Мира вокруг слишком много.

Это единственная мысль, которая приходила мне в голову.

Мира вокруг слишком много.

(Помните садистскую шутку из детства — что такое «плюх, плюх, п-ш-ш-ш»? Это двух младенцев уронили в ванну с кислотой.)

Я отказывался расточать свои ощущения. Я закрыл глаза и стал слушать, как поскрипывают стены и пол.

Я заработал себе репутацию слегка эксцентричного человека.

Почему бы им не признать меня выжившим, похвалить за стойкость и отпустить домой? Большего мне не надо.

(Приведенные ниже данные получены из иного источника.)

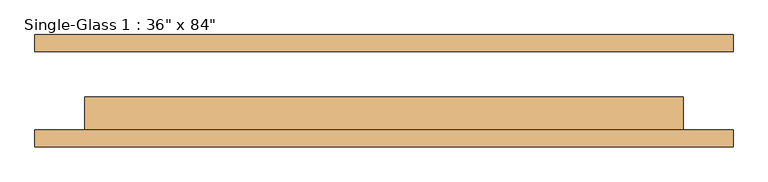
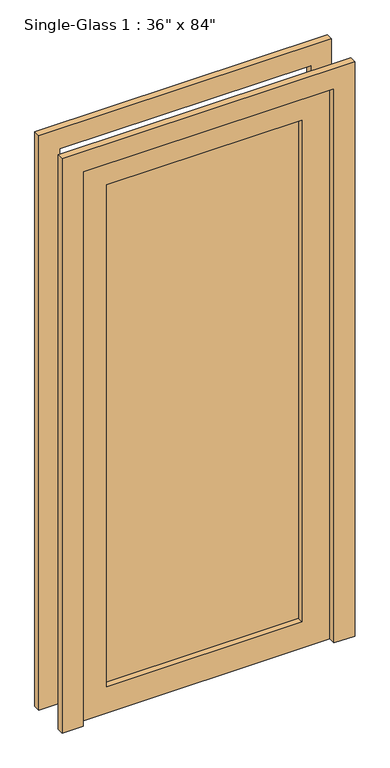
"""IFC4 building model written with IfcOpenShell, lengths in millimetres: door geometry."""

from ifc_helpers import new_model, si_unit, frame, origin, place, context, project, spatial, polyline, outline, extrude, source, transform, mapped, element, save


def door_84b54e47(model_context):
    return source(origin(), model_context, "Body", "SweptSolid", [
        extrude(outline(polyline([(2133.6, 457.2), (0.0, 457.2), (0.0, 533.4), (2209.8, 533.4), (2209.8, -533.4), (0.0, -533.4), (0.0, -457.2), (2133.6, -457.2), (2133.6, 457.2)])), frame((0.0, 60.325, 0.0), z_axis=(0.0, 1.0, 0.0), x_axis=(0.0, 0.0, 1.0)), (0.0, 0.0, 1.0), 25.4),
        extrude(outline(polyline([(2133.6, 457.2), (0.0, 457.2), (0.0, 533.4), (2209.8, 533.4), (2209.8, -533.4), (0.0, -533.4), (0.0, -457.2), (2133.6, -457.2), (2133.6, 457.2)])), frame((0.0, -85.725, 0.0), z_axis=(0.0, 1.0, 0.0), x_axis=(0.0, 0.0, 1.0)), (0.0, 0.0, 1.0), 25.4),
        extrude(outline(polyline([(355.6, -31.75), (355.6, -38.1), (-355.6, -38.1), (-355.6, -31.75), (355.6, -31.75)])), frame((0.0, 0.0, 101.6), z_axis=(0.0, 0.0, 1.0), x_axis=(1.0, 0.0, 0.0)), (0.0, 0.0, 1.0), 1930.4),
        extrude(outline(polyline([(2133.6, 457.2), (2133.6, -457.2), (0.0, -457.2), (0.0, 457.2), (2133.6, 457.2)]), holes=[polyline([(2032.0, -355.6), (2032.0, 355.6), (101.6, 355.6), (101.6, -355.6), (2032.0, -355.6)])]), frame((0.0, -60.325, 0.0), z_axis=(0.0, 1.0, 0.0), x_axis=(0.0, 0.0, 1.0)), (0.0, 0.0, 1.0), 50.8),
    ])


if __name__ == "__main__":
    model = new_model("IFC4")
    model_context = context("Model", 3, world=origin())
    ifc_project = project(units=[si_unit("LENGTHUNIT", "METRE", prefix="MILLI")], contexts=[model_context])
    site = spatial("IfcSite", under=ifc_project)
    building = spatial("IfcBuilding", under=site)
    placement = place(None, origin())
    door_shape = door_84b54e47(model_context)
    element("IfcDoor", 1, ObjectType="Single-Glass 1 : 36\" x 84\"", at=placement, inside=building, context=model_context, shape_type="MappedRepresentation", body=[
        mapped(door_shape, transform((0.0, 0.0, 0.0), x_axis=(1.0, 0.0, 0.0), y_axis=(0.0, 1.0, 0.0), z_axis=(0.0, 0.0, 1.0))),
    ])
    save(model, "model.ifc")

# Revit data of these elements
# Type "Single-Glass 1 : 36\" x 84\""
#   Type Mark = "20"
#   Construction Type Id = "MDOOR"
#   Assembly Code = "C1020"
#   Analytic Construction = "Metal"
#   Thickness = 0' - 2"
#   Heat Transfer Coefficient (U) = 3.7021 W/(m²·K)
#   Height = 7' - 0"
#   Rail Width - Base = 0' - 4"
#   Rail Width - Top = 0' - 4"
#   Stile Width - Hinge = 0' - 4"
#   Stile Width - Latch = 0' - 4"
#   Trim Projection Ext = 0' - 1"
#   Trim Projection Int = 0' - 1"
#   Trim Width = 0' - 3"
#   Width = 3' - 0"
#   Door Material = Aluminum
#   Frame Material = Aluminum
#   Visual Light Transmittance = 0
#   Solar Heat Gain Coefficient = 0
#   Function = (empty or 0)
#   Wall Closure = (empty or 0)
# Element 1 (IfcDoor, "Single-Glass 1 : 36\" x 84\"")
#   Materials on its faces: "Aluminum", "Glass"
# Materials
#   "Aluminum": class "Metal", colour RGB 226 226 226, transparency 0, Description = "Aluminum 6061", Cost = 0
#   "Glass": class "Glass", colour RGB 142 168 196, transparency 0.75, Description = "Soda Lime Glass", Cost = 0
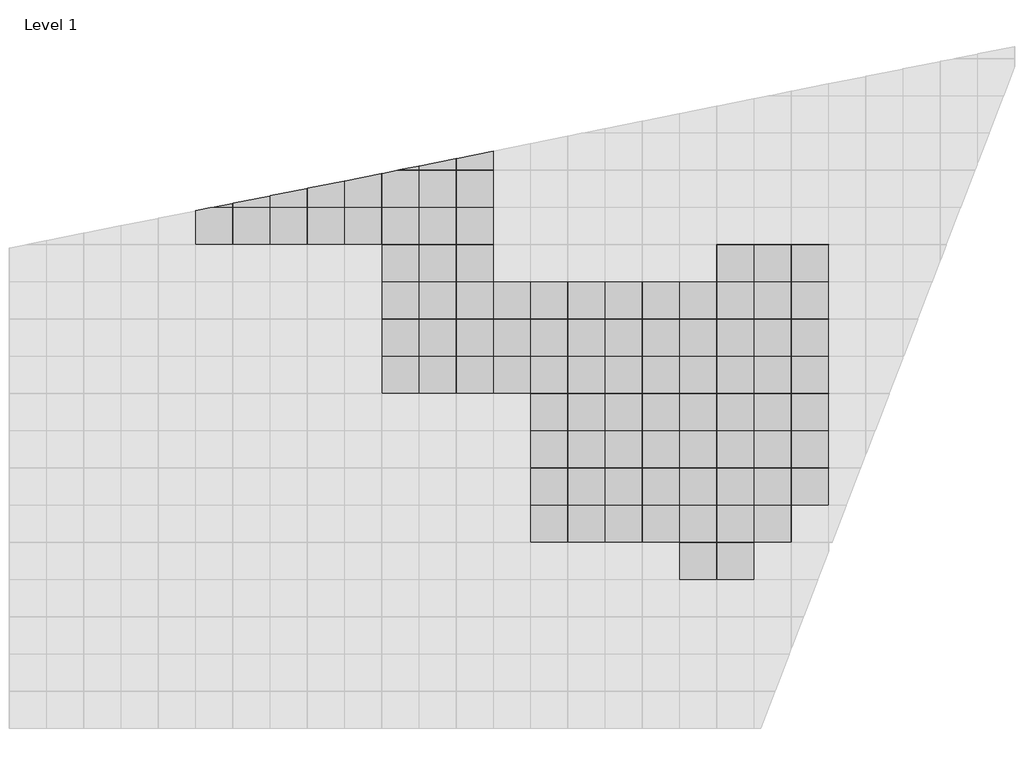
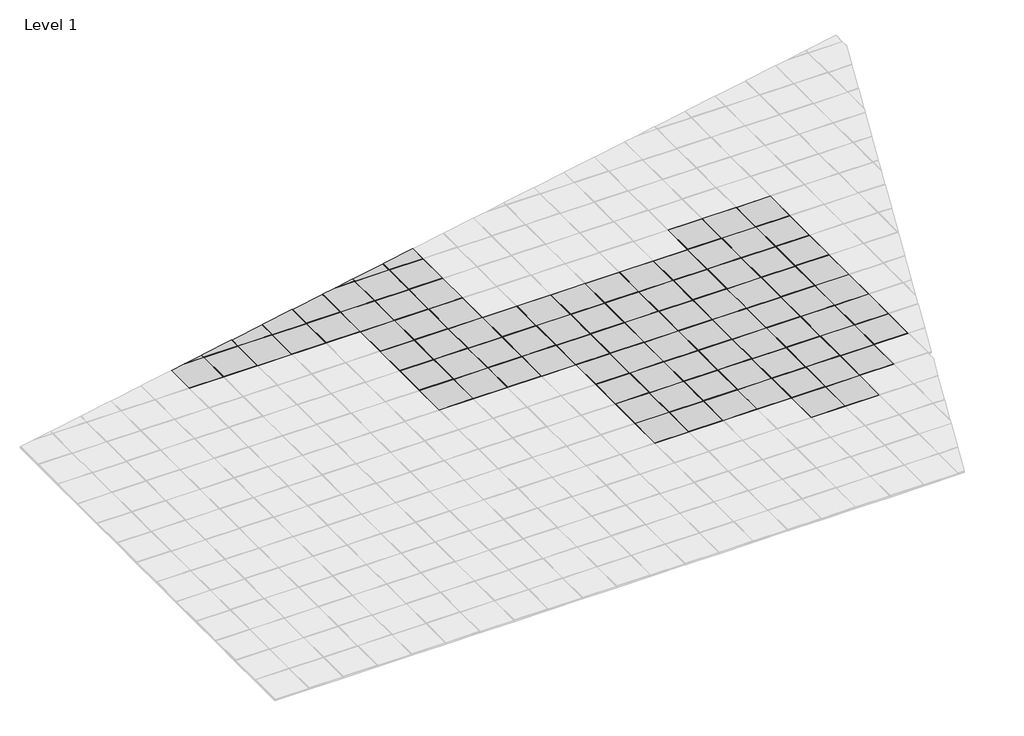
# One storey, part 6 of 18: 94 plates.
"""IFC4 building model written with IfcOpenShell, lengths in millimetres."""

import ifcopenshell
import ifcopenshell.guid

model = None  # the IFC model being written
_history = None  # IfcOwnerHistory: only IFC2X3 demands one
_inside = {}  # id of a spatial element -> (the spatial element, [elements in it])
_under = {}  # id of a project, library or spatial element -> (it, [spatial elements below it])
_declared = {}  # id of a project -> (the project, [libraries it declares])
_typed = {}  # id of a type object -> (the type object, [elements of that type])
_made_of = {}  # id of a material, layer set ... -> (it, [elements and type objects made of it])


def new_model(schema):
    """Start an empty IFC model of exactly this schema.

    Asked for "IFC4X3", IfcOpenShell would pick the latest addendum, in which some entities
    have other attributes; the version numbers below select the first issue.
    IFC2X3 requires an IfcOwnerHistory on every rooted entity: one is made here for all.
    """
    global model, _history
    if schema == "IFC4X3":
        model = ifcopenshell.file(schema_version=(4, 3, 0, 0))
    else:
        model = ifcopenshell.file(schema=schema)
    _inside.clear()
    _under.clear()
    _declared.clear()
    _typed.clear()
    _made_of.clear()
    _history = None
    if model.schema == "IFC2X3":
        org = make("IfcOrganization", Name="unknown")
        user = make(
            "IfcPersonAndOrganization",
            ThePerson=make("IfcPerson", FamilyName="unknown"),
            TheOrganization=org,
        )
        app = make(
            "IfcApplication",
            ApplicationDeveloper=org,
            Version="unknown",
            ApplicationFullName="unknown",
            ApplicationIdentifier="unknown",
        )
        _history = make(
            "IfcOwnerHistory",
            OwningUser=user,
            OwningApplication=app,
            ChangeAction="ADDED",
            CreationDate=0,
        )
    return model


def make(cls, **values):
    """One entity of the class cls with the attributes given. An attribute that is None is left unset."""
    return model.create_entity(
        cls, **{name: value for name, value in values.items() if value is not None}
    )


def rooted(cls, **values):
    """An entity with a GlobalId (a new one), such as an element, a storey or a relation."""
    return make(cls, GlobalId=ifcopenshell.guid.new(), OwnerHistory=_history, **values)


def si_unit(unit_type, name, prefix=None):
    """IfcSIUnit, for example si_unit("LENGTHUNIT", "METRE", prefix="MILLI")."""
    return make("IfcSIUnit", UnitType=unit_type, Prefix=prefix, Name=name)


def assignment(units):
    """IfcUnitAssignment: the units of a project."""
    return None if units is None else make("IfcUnitAssignment", Units=units)


def point(xyz):
    """IfcCartesianPoint."""
    return None if xyz is None else make("IfcCartesianPoint", Coordinates=xyz)


def direction(xyz):
    """IfcDirection."""
    return None if xyz is None else make("IfcDirection", DirectionRatios=xyz)


def frame(location, z_axis=None, x_axis=None):
    """IfcAxis2Placement3D, a coordinate frame: its origin and axes. An axis left out is left unset."""
    return make(
        "IfcAxis2Placement3D",
        Location=point(location),
        Axis=direction(z_axis),
        RefDirection=direction(x_axis),
    )


def origin():
    """The frame at (0, 0, 0) with its axes left unset."""
    return frame((0.0, 0.0, 0.0))


def origin_with_axes():
    """The frame at (0, 0, 0) with the z axis (0, 0, 1) and the x axis (1, 0, 0) written out."""
    return frame((0.0, 0.0, 0.0), z_axis=(0.0, 0.0, 1.0), x_axis=(1.0, 0.0, 0.0))


def place(relative_to, where):
    """IfcLocalPlacement: puts the frame where relative to a parent placement (None: the world)."""
    return make(
        "IfcLocalPlacement", PlacementRelTo=relative_to, RelativePlacement=where
    )


def context(
    kind, dimensions, precision=None, world=None, true_north=None, identifier=None
):
    """IfcGeometricRepresentationContext, for example the 3D "Model" context."""
    return make(
        "IfcGeometricRepresentationContext",
        ContextIdentifier=identifier,
        ContextType=kind,
        CoordinateSpaceDimension=dimensions,
        Precision=precision,
        WorldCoordinateSystem=world,
        TrueNorth=true_north,
    )


def project(units=None, contexts=None):
    """IfcProject with its units and contexts."""
    return rooted(
        "IfcProject",
        Name="project",
        RepresentationContexts=contexts,
        UnitsInContext=assignment(units),
    )


def spatial(cls, under=None, at=None, **own):
    """A site, building, storey or space (cls), placed at a placement, below another one or the project."""
    s = rooted(cls, ObjectPlacement=at, **own)
    if under is not None:
        _under.setdefault(under.id(), (under, []))[1].append(s)
    return s


def polyline(points):
    """IfcPolyline through the points."""
    return make("IfcPolyline", Points=[point(p) for p in points])


def outline(outer, holes=None, kind="AREA"):
    """IfcArbitraryClosedProfileDef: a profile drawn as a closed curve; with holes, ...WithVoids."""
    if holes is None:
        return make("IfcArbitraryClosedProfileDef", ProfileType=kind, OuterCurve=outer)
    return make(
        "IfcArbitraryProfileDefWithVoids",
        ProfileType=kind,
        OuterCurve=outer,
        InnerCurves=holes,
    )


def extrude(swept, where, along, depth):
    """IfcExtrudedAreaSolid: the profile swept, set in the frame where, extruded along a direction by depth."""
    return make(
        "IfcExtrudedAreaSolid",
        SweptArea=swept,
        Position=where,
        ExtrudedDirection=direction(along),
        Depth=depth,
    )


def shape(context_of_items, identifier, shape_type, items):
    """IfcShapeRepresentation: the items that make up one representation, for example the "Body"."""
    return make(
        "IfcShapeRepresentation",
        ContextOfItems=context_of_items,
        RepresentationIdentifier=identifier,
        RepresentationType=shape_type,
        Items=items,
    )


def source(mapping_origin, context_of_items, identifier, shape_type, items):
    """IfcRepresentationMap: a shape defined once, which mapped items show again and again."""
    return make(
        "IfcRepresentationMap",
        MappingOrigin=mapping_origin,
        MappedRepresentation=shape(context_of_items, identifier, shape_type, items),
    )


def transform(
    local_origin,
    x_axis=None,
    y_axis=None,
    z_axis=None,
    scale=None,
    scale2=None,
    scale3=None,
    uniform=True,
):
    """IfcCartesianTransformationOperator3D, or its non-uniform kind. x_axis, y_axis, z_axis: its Axis1, 2, 3."""
    if uniform:
        return make(
            "IfcCartesianTransformationOperator3D",
            Axis1=direction(x_axis),
            Axis2=direction(y_axis),
            LocalOrigin=point(local_origin),
            Scale=scale,
            Axis3=direction(z_axis),
        )
    return make(
        "IfcCartesianTransformationOperator3DnonUniform",
        Axis1=direction(x_axis),
        Axis2=direction(y_axis),
        LocalOrigin=point(local_origin),
        Scale=scale,
        Axis3=direction(z_axis),
        Scale2=scale2,
        Scale3=scale3,
    )


def mapped(mapping_source, mapping_target):
    """IfcMappedItem: shows the shape of a source again, moved by a transform."""
    return make(
        "IfcMappedItem", MappingSource=mapping_source, MappingTarget=mapping_target
    )


def made_of(thing, what):
    """Note that an element or type object is made of a material, layer set ...; save() writes the relation."""
    if what is not None:
        _made_of.setdefault(what.id(), (what, []))[1].append(thing)
    return thing


def element(
    cls,
    number,
    at=None,
    inside=None,
    cuts=None,
    type_object=None,
    material=None,
    context=None,
    identifier="Body",
    shape_type=None,
    held_by="IfcProductDefinitionShape",
    body=None,
    shapes=None,
    **own,
):
    """One element of the class cls, such as IfcWall. Its Tag is "e" and its number.

    at: its placement. inside: the storey or other place that contains it. cuts: it is an
    opening in that element (IfcRelVoidsElement). A single representation is given by context,
    identifier, shape_type and body (its items); several are given by shapes. held_by: the class
    of the entity that holds the representations. save() writes the other relations.
    """
    e = rooted(cls, Tag="e%d" % number, ObjectPlacement=at, **own)
    if body is not None:
        shapes = [shape(context, identifier, shape_type, body)]
    if shapes is not None:
        e.Representation = make(held_by, Representations=shapes)
    if inside is not None:
        _inside.setdefault(inside.id(), (inside, []))[1].append(e)
    if cuts is not None:
        rooted(
            "IfcRelVoidsElement", RelatingBuildingElement=cuts, RelatedOpeningElement=e
        )
    if type_object is not None:
        _typed.setdefault(type_object.id(), (type_object, []))[1].append(e)
    return made_of(e, material)


def aggregate(whole, parts):
    """IfcRelAggregates: a whole, such as a stair, and the parts it consists of."""
    return rooted("IfcRelAggregates", RelatingObject=whole, RelatedObjects=parts)


def save(model, path):
    """Write the relations noted so far, then the file.

    IfcRelAggregates (storeys below a building ...), IfcRelContainedInSpatialStructure (elements
    in a storey), IfcRelDefinesByType, IfcRelAssociatesMaterial and IfcRelDeclares: one each for
    every whole, place, type object, material and project.
    """
    for whole, parts in _under.values():
        aggregate(whole, parts)
    for where, things in _inside.values():
        rooted(
            "IfcRelContainedInSpatialStructure",
            RelatedElements=things,
            RelatingStructure=where,
        )
    for kind, things in _typed.values():
        rooted("IfcRelDefinesByType", RelatedObjects=things, RelatingType=kind)
    for what, things in _made_of.values():
        rooted("IfcRelAssociatesMaterial", RelatedObjects=things, RelatingMaterial=what)
    for by, libraries in _declared.values():
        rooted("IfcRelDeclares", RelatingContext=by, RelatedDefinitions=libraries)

Обратно в человеческий мир меня вытащила музыка, больничное радио, которое было как успокаивающий наркотик, депрессант, замедляющий мир и пропускающий его через фильтр дымчатой, зыбкой, тронутой позолотой ностальгии. Я часами просиживал в серых казенных наушниках, просто ловя кайф от музыки. Больничное радио — настоящий аудиогероин. Ходили слухи, что некоторые санитары тайком записывали больничную музыку на пленку и брали ее с собой, когда отправлялись к знакомым наркоторговцам, — за стопку девяностоминутных кассет и упаковку-другую выкраденных лекарств (валиум, метадон или могадон) можно было получить десятипроцентную скидку на несколько доз кокаина. Больничное радио доводило меня до состояния печального экстаза. Это была музыка иного поколения, к которому я временно принадлежал. Фрэнк Синатра, Бинг Кросби, Дин Мартин, Дорис Дей — эти люди прекрасно знали, что такое боль и страдания, и понимали значение умиротворения и забвения. Они были настоящими святыми в церкви Матери Нашей Беззаботности. Благослови их, Боже, всех до одного.

Я достаточно быстро выздоравливал.

Затем, будто сговорившись, окружающие разом начали вываливать на меня новости, хорошие и плохие.